No problem. But not only should the advisers have to be qualified and comply with all of the requirements we do, but ensure the trustee has to adhere to the FASEA Code of Ethics.
Has anyone asked Hayne what he thinks of intra-fund advice?
Sure, then let’s change regulation for other important Professions and allow nurses in rural and remote regions to provide GP consulting – agreed? Surely health is as important as financial health? So why is the Govt. hell bent on allowing more people to access financial advice via carve-outs but no such focus on carve-outs for the health sector??? I wonder if power, money and populist votes are drivers?

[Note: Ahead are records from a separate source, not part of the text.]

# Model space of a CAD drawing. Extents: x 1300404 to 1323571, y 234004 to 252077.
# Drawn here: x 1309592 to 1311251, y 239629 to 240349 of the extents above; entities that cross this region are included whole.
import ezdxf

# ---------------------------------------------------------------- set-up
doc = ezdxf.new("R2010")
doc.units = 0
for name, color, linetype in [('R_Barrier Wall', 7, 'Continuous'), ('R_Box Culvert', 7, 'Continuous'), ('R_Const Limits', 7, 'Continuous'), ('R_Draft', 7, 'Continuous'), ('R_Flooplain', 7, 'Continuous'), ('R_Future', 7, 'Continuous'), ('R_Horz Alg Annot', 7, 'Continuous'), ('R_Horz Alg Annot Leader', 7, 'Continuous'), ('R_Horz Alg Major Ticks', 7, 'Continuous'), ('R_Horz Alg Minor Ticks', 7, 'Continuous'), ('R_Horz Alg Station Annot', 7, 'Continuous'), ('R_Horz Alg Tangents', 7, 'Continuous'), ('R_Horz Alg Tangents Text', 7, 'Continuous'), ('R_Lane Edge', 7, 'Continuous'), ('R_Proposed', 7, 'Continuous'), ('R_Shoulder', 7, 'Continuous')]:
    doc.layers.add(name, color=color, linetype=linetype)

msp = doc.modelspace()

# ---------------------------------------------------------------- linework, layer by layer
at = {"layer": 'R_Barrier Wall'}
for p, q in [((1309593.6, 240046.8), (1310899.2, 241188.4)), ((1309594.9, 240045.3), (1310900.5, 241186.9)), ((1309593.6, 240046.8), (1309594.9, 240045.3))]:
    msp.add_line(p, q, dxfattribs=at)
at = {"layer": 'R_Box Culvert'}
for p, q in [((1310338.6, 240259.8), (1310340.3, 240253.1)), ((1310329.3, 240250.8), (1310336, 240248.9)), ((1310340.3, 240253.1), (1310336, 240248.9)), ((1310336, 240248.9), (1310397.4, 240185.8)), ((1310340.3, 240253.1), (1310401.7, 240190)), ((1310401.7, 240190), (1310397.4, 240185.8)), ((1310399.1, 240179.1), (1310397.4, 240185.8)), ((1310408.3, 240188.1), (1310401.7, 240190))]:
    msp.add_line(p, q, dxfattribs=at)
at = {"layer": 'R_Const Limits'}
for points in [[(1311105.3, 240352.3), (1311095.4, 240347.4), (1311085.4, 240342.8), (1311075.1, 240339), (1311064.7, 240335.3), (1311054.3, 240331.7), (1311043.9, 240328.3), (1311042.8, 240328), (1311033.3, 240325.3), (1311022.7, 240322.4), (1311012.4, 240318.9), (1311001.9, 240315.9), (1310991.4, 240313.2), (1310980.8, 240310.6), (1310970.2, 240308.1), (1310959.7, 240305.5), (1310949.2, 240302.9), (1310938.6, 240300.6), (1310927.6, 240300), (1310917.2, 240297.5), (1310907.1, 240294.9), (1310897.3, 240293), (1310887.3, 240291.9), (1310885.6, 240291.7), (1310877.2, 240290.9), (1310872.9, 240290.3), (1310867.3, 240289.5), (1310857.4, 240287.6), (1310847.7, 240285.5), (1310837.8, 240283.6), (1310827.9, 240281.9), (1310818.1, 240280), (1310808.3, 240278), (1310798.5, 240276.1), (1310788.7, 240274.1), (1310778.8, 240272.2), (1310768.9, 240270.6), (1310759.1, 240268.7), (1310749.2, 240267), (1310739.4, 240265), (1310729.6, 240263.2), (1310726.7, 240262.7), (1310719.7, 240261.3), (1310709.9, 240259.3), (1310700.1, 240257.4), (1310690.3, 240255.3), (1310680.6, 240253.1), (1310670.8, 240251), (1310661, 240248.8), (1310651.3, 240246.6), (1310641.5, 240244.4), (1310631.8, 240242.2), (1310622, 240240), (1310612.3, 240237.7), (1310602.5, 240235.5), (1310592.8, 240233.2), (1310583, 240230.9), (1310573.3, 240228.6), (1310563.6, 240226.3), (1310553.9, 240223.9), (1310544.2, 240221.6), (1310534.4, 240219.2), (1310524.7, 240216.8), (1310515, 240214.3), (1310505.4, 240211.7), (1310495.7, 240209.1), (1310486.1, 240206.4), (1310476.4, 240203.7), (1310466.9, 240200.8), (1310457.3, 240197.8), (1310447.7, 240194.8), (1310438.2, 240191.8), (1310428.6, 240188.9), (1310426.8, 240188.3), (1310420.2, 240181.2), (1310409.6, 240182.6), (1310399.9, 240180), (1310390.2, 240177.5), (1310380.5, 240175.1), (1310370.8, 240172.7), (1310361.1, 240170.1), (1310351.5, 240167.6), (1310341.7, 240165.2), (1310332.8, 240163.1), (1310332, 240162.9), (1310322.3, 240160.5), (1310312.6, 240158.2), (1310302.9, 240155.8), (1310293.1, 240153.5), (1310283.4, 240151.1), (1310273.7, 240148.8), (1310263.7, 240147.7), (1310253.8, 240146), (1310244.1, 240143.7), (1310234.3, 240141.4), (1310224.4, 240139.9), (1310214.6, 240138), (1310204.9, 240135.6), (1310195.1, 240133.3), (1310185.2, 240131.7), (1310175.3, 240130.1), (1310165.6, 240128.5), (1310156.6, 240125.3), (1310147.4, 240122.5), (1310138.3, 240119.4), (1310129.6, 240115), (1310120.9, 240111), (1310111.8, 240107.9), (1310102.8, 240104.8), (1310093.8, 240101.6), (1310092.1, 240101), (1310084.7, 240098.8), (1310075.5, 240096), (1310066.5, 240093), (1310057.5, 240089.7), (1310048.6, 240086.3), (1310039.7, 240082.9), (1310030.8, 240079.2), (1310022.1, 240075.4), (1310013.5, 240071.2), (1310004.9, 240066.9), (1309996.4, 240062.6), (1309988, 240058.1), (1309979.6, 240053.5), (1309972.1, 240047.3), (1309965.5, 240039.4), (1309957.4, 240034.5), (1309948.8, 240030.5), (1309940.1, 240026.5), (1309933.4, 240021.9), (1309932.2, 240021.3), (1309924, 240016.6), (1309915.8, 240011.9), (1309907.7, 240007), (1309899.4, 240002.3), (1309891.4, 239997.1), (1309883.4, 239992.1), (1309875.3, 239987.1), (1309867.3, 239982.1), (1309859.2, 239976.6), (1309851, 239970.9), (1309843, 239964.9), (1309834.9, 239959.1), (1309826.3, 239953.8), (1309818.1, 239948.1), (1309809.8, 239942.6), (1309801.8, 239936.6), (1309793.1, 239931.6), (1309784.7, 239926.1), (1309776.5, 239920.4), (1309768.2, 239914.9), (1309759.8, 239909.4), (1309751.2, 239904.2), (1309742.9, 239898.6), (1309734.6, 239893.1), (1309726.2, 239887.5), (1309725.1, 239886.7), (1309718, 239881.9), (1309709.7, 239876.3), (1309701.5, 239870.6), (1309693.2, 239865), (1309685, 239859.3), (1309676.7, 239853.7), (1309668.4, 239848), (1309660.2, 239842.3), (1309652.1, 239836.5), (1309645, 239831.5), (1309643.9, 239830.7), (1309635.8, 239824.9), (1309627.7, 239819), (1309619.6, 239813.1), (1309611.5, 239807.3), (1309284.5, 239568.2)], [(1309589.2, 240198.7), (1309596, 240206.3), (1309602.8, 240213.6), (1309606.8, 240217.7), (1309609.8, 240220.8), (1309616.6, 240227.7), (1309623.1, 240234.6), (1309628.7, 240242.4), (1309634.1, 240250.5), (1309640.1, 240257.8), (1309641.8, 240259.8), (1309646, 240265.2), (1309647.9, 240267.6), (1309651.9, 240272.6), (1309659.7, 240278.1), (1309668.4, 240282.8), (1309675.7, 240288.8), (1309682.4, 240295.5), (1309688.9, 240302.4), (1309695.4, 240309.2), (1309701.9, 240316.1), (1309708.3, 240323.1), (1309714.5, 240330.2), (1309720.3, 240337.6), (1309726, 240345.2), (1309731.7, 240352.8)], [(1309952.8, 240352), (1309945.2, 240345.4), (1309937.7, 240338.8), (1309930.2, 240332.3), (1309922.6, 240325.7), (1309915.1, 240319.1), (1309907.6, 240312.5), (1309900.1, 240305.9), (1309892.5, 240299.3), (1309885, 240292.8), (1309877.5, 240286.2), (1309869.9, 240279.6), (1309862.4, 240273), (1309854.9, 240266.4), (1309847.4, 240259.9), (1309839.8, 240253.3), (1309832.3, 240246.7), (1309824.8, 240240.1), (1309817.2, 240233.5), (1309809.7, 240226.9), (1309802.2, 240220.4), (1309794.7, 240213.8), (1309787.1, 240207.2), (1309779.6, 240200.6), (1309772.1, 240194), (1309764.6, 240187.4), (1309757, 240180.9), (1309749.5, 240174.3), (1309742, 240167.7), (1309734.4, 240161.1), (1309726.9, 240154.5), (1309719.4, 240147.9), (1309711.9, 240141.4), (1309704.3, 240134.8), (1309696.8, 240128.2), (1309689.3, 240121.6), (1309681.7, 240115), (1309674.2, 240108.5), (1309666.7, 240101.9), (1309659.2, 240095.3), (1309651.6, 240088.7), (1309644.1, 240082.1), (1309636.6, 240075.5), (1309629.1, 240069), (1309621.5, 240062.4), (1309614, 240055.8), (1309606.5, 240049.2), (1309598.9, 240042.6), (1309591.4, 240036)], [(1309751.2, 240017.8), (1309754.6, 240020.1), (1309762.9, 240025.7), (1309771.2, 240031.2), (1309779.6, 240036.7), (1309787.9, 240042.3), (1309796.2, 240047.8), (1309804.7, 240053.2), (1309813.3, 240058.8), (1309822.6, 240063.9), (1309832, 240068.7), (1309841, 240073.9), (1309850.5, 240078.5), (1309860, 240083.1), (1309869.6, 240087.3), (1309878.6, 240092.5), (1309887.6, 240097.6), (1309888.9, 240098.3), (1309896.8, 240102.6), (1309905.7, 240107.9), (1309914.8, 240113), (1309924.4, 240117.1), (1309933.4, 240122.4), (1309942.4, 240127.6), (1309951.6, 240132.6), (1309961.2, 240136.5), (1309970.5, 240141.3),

Look, in theory it makes sense that accessible (read low value) advice is done via internal superfund advice (think GP). As long as the client is referred to seek comprehensive specialist (high value) advice (e.g. full retirement planning) once it’s determined the client needs it. In reality, however, you’ll almost never see that happening.
The required skills of intra fund advisers are just not there…
Let’s assume ART has run of poor performance…. Will they be providing advice to their members to rollover to an external super fund?
Of course not, they can’t – it’s not allowed by the law. Nor can they recommend rollins to the fund.
Do IOOF or AMP adviser do this now. Dixon’s sure didn’t.